--- Task ---
Begin at the line containing "height=0.5, rotation=333.2568, dxfattribs=at).set_placement(p)" and end at the final line of the entries. Please reproduce those lines exactly.

[Recorded data]
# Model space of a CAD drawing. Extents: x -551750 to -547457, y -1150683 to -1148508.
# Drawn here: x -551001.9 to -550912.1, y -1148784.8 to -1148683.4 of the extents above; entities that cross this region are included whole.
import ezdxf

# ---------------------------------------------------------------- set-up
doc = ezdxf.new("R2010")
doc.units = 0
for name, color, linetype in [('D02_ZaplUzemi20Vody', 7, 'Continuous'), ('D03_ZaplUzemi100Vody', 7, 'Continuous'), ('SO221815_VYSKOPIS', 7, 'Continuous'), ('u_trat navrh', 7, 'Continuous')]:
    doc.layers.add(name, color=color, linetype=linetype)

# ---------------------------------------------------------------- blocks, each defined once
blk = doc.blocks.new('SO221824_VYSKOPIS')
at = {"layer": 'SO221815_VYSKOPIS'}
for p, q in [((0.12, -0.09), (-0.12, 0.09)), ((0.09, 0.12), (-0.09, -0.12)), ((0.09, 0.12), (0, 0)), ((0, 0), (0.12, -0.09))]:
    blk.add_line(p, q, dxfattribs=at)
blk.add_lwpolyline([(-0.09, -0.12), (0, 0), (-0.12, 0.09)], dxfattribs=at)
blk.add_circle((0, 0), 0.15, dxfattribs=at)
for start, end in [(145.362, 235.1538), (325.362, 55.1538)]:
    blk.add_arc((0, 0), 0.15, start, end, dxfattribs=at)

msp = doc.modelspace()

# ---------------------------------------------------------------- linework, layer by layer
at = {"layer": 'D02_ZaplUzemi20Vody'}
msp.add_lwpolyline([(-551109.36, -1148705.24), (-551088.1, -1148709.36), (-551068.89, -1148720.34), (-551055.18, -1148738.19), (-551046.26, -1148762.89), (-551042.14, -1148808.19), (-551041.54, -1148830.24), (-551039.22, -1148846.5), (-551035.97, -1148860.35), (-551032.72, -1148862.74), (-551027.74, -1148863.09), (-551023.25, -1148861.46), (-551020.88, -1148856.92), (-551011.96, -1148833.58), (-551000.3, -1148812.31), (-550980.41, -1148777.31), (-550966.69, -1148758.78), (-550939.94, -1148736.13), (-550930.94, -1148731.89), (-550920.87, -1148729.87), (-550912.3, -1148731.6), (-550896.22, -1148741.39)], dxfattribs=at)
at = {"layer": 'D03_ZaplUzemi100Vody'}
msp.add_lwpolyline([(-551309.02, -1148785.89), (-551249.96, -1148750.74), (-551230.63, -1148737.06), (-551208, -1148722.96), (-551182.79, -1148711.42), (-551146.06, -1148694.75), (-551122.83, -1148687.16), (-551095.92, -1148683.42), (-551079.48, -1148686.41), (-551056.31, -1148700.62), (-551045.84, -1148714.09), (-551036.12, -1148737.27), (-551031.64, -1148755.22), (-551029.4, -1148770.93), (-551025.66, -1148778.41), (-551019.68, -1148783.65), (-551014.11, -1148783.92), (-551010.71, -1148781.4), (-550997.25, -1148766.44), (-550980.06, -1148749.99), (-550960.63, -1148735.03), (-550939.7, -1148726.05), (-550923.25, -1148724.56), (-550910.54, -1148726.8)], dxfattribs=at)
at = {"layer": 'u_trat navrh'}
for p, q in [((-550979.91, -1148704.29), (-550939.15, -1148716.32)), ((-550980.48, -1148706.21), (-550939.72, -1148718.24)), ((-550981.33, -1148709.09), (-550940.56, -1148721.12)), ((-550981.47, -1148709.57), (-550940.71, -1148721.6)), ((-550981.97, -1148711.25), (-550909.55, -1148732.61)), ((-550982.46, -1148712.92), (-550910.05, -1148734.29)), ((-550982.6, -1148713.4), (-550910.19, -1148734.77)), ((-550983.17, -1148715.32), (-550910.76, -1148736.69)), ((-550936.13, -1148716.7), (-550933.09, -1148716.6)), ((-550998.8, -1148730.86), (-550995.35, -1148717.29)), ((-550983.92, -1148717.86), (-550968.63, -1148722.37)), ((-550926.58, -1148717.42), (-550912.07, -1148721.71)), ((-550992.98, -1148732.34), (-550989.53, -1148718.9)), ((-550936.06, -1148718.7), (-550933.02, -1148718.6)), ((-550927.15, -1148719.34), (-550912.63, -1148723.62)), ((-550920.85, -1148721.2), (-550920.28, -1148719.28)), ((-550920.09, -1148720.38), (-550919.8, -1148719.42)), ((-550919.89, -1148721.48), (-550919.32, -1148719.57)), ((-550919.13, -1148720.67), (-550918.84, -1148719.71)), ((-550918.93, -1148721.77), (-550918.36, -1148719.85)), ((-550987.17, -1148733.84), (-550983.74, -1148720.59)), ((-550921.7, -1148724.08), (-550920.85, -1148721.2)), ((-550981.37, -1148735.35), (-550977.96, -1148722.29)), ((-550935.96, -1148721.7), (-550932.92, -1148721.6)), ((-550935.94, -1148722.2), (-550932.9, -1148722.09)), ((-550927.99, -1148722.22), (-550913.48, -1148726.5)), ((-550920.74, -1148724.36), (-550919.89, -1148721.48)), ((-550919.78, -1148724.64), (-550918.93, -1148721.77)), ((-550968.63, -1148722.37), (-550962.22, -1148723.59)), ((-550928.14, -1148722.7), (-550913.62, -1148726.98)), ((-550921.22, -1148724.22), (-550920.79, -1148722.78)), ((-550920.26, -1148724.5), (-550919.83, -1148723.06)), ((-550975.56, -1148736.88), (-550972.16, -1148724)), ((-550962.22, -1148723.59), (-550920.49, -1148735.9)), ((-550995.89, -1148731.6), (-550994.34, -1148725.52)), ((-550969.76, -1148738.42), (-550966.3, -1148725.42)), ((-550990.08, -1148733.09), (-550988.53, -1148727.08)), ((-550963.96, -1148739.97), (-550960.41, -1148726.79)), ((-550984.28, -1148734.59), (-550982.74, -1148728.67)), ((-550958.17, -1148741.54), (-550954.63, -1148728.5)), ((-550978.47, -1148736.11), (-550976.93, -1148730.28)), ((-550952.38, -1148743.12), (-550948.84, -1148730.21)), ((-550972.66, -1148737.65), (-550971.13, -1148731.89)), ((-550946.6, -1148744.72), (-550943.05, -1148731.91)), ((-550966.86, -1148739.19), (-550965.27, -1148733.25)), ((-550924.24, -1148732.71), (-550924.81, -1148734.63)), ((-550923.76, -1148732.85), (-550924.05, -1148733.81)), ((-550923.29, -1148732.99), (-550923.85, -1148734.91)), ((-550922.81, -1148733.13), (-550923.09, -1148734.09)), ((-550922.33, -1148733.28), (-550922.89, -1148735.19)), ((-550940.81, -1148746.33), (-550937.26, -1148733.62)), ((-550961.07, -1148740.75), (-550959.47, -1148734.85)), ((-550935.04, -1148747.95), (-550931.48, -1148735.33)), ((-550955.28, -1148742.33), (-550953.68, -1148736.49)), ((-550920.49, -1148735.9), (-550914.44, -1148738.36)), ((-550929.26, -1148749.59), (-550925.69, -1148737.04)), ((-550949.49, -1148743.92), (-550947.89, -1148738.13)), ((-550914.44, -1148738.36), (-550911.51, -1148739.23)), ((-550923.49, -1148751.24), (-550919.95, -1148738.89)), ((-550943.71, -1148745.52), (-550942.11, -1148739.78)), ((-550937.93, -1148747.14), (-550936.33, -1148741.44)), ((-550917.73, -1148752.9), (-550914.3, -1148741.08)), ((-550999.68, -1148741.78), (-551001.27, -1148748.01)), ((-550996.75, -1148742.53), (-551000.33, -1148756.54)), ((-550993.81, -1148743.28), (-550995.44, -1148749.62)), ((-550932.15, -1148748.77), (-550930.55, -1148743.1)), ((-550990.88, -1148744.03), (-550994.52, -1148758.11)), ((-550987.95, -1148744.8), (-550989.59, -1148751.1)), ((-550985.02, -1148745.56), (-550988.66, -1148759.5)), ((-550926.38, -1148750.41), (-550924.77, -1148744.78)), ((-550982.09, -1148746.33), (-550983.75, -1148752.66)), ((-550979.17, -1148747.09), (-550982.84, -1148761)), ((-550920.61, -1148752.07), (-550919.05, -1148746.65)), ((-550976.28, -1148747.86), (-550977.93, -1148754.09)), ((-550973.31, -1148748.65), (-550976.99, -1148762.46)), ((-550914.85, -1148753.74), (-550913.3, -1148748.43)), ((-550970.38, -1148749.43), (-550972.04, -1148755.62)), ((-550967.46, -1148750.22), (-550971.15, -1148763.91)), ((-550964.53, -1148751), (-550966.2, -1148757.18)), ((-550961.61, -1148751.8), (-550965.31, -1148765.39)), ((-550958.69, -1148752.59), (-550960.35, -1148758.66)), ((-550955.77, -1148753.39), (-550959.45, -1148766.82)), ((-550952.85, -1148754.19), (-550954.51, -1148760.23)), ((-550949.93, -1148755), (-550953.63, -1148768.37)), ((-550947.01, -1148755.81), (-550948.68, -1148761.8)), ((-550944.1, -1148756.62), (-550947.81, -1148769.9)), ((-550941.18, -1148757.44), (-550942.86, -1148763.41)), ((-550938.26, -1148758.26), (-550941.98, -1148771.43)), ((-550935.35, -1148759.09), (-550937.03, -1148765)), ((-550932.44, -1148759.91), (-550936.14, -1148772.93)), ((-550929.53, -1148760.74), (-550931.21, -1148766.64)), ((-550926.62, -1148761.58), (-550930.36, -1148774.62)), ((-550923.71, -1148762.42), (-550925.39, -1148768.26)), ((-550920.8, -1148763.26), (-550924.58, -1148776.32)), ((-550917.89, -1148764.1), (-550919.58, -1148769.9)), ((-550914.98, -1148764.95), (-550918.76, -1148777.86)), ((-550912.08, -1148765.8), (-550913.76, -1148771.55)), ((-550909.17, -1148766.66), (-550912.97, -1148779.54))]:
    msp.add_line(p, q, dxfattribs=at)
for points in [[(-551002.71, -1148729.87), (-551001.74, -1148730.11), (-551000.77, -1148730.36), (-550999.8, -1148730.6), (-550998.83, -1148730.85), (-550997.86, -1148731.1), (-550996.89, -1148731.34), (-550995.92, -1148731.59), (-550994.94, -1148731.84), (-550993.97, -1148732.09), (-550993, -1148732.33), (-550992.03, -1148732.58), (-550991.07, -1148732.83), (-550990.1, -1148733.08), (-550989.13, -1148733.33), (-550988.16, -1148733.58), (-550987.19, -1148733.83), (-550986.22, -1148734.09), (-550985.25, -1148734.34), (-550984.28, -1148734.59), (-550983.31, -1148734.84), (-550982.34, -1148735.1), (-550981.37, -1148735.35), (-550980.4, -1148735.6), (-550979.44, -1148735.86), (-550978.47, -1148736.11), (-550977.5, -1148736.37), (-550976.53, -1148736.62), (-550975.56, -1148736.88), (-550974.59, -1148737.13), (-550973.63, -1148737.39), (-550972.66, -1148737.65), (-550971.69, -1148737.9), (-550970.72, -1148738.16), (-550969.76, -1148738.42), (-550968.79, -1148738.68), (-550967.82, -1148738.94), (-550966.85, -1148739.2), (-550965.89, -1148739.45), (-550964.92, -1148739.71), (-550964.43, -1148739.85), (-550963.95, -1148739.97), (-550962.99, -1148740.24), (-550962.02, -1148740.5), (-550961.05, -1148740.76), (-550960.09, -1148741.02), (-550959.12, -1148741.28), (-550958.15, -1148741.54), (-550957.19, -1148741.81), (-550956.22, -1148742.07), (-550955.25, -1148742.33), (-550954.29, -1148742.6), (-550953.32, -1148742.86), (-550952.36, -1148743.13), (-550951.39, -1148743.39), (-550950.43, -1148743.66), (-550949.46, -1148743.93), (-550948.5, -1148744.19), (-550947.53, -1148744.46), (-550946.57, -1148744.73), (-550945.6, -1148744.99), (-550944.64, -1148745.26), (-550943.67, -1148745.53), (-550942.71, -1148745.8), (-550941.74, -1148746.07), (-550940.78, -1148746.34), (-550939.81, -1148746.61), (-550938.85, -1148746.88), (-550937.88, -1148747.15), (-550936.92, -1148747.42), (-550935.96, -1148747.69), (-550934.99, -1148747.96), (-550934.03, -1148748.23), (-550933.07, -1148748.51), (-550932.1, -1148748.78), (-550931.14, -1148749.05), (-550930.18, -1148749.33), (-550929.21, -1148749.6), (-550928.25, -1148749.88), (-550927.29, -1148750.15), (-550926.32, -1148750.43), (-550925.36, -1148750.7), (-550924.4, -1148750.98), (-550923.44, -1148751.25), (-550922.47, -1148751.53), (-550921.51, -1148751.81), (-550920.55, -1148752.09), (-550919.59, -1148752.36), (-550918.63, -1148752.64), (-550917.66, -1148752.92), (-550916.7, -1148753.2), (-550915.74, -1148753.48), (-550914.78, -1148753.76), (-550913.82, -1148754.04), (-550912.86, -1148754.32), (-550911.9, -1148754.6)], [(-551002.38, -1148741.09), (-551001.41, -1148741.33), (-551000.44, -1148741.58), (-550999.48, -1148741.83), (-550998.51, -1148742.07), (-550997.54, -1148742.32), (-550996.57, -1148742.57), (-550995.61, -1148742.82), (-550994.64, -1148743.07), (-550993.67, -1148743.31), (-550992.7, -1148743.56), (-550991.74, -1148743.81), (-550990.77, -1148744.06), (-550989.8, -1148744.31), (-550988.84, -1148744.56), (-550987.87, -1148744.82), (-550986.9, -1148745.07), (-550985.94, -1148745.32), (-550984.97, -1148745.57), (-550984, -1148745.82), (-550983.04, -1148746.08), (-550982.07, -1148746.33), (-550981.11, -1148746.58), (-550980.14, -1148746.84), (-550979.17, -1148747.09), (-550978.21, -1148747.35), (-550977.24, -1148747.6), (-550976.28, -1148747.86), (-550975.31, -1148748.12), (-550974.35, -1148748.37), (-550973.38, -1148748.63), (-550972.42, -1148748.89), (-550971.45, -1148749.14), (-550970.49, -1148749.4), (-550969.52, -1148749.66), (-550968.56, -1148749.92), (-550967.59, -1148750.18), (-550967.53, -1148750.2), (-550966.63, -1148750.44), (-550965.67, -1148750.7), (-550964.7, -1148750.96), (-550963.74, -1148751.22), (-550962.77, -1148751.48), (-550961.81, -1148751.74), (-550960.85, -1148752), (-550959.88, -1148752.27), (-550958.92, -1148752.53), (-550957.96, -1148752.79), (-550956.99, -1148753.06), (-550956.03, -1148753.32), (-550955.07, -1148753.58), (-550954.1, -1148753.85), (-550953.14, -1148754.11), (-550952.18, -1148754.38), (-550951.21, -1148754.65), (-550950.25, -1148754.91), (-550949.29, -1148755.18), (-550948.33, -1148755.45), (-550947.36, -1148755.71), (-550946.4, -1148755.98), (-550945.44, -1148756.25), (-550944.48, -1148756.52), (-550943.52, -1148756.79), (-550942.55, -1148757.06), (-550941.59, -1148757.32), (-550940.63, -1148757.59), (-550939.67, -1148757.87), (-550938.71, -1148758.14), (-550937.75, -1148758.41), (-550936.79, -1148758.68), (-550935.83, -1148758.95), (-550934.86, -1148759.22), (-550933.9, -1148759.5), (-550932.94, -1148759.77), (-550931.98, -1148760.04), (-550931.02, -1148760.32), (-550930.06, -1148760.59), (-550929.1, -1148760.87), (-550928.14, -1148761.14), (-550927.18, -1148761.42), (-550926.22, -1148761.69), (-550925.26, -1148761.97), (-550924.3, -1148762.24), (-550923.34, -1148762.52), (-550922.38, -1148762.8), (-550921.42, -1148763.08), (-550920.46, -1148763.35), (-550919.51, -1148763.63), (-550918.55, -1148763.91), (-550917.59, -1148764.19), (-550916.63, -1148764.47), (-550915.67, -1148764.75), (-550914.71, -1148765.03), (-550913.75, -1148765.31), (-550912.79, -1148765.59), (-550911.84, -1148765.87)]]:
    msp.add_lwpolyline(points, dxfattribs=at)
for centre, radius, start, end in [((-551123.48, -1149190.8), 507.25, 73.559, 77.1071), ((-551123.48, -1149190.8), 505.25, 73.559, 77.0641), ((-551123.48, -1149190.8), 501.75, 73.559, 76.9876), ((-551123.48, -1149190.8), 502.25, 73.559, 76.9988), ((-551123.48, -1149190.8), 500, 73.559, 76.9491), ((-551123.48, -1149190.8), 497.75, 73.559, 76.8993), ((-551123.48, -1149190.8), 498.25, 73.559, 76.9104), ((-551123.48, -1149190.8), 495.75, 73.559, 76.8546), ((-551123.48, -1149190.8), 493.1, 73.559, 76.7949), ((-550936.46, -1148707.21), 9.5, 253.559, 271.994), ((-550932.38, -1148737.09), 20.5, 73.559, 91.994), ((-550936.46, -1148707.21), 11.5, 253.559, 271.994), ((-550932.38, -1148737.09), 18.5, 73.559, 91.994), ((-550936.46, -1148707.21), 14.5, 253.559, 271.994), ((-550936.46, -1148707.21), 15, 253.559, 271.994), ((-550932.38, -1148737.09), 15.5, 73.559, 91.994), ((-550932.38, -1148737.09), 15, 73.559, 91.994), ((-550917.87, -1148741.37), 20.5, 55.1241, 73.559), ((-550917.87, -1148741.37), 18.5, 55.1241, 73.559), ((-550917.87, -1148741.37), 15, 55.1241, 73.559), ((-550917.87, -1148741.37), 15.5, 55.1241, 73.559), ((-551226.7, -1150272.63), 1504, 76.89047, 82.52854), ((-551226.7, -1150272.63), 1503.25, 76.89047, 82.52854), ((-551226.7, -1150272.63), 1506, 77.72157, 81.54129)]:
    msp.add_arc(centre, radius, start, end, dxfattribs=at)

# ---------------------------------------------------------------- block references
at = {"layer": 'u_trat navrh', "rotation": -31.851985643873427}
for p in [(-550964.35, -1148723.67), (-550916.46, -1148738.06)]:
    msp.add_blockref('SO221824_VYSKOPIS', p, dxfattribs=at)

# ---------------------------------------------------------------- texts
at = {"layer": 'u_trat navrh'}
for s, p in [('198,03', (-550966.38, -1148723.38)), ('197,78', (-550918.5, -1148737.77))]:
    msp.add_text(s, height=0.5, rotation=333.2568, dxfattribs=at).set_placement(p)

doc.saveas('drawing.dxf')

--- Response to the task ---
    msp.add_text(s, height=0.5, rotation=333.2568, dxfattribs=at).set_placement(p)

doc.saveas('drawing.dxf')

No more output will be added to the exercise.